We can find these $$$nextGreater(i)$$$ for all $$$i$$$ using monotonic stack.
But calculating answer for each query this way is still slow, i.e. $$$O(n)$$$ per query. If we can save the starting positions of each sub-range for a query range, then we can find the starting position of the last sub-range by a binary search, and we can calculate the constributions of the sub-ranges other than the last one by suffix sum. Since, there can be different set of starting positions of the sub-ranges for different $$$l$$$, we can not pre-calculate the set of starting positions of the sub-ranges for each $$$i$$$.
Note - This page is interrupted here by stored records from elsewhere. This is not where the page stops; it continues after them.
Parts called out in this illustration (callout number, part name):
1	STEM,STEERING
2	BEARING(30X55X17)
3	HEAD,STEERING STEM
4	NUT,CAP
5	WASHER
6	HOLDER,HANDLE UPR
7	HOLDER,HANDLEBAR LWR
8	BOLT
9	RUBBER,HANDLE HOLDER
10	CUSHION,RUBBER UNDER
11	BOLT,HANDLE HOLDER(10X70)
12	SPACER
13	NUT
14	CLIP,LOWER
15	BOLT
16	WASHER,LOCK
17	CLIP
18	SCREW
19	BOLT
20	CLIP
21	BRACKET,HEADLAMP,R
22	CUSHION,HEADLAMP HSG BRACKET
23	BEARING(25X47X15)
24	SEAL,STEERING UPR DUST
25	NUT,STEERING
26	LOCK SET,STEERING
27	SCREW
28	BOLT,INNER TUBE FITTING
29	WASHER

Here is an important observation
There exists several (possibly zero) indices $$$j$$$ smaller than $$$i$$$ such that $$$nextGreater(j)=i$$$. If you create an edge from $$$i$$$ to $$$j$$$, this will form a single directed tree rooted at $$$n+1$$$ (assuming we append $$$\infty$$$ at the end of the array) where each node represents each index. This can be proved easily. I am leaving the proof as an exercise to the reader. Now, for each edge $$$i\rightarrow j$$$ of the tree, we can assign the contribution of the sub-range $$$[j, i)$$$ as the weight of the edge. So, now we can easily find the contribution of sub-ranges by querying the path sum on the tree. And using binary lifting, we can find out the starting index of the last sub-range for a query range.
Let's boil down the algorithm
- Without the loss of generality, let's append $$$\infty$$$ at the end of the array. Now, pre-calculate the $$$nextGreater(i)$$$ for all $$$i$$$ using monotonic stack.
- For each $$$i$$$ in range $$$[1, n]$$$, add an edge from node $$$nextGreater(i)$$$ to $$$i$$$ and assign $$$contribution([i, nextGreater(i)))=a_i\times (nextGreater(i)-i)$$$ sub-range as the weight of the edge.
- Pre-calculate the binary lifts of the formed tree.
- For each query $$$[l,r]$$$ follow:
- Get the starting position of the last sub-range using binary lifting, let's call this index $$$m$$$ and calculate the contributions of all the sub-ranges without the last one i.e. the distance from node $$$m$$$ to $$$l$$$.
- Then add the contribution of the last sub-range to the answer.
- Now, if you subtract the range sum of $$$[l, r]$$$ you will get your desired result for the query.
Let's walk through an example and understand the algorithm:
Given array $$$[4,3,2,5,1]$$$. So, the tree will look like below:
Now, let's say, we are given a query $$$(l,r)=(2,5)$$$. Using binary lifting, we find that the starting-position of the last sub-range is 4. So, our answer is $$$(\textrm{distance of 4}\rightarrow 2)+(\textrm{contribution of last range})=1+5\cdot 2-(5+1)=5$$$
Note: In general binary lifting technique $$$O(n\log n)$$$ memory is needed. That's why, here I've used a different technique mentioned in this blog which can calculate the jumps in $$$O(n)$$$ memory, and is faster than traditional LCA.
Complexity Analysis
To build the jump links, we are executing a BFS here, which is $$$O(n)$$$. And in each query, we are executing an $$$O(\log n)$$$ operation. So, the total complexity is $$$O(q\log n)$$$.
Here is my submission along with explanations, in case you need assistance.
This is my first ever solution blog. So please feel free to point out any of my mistakes.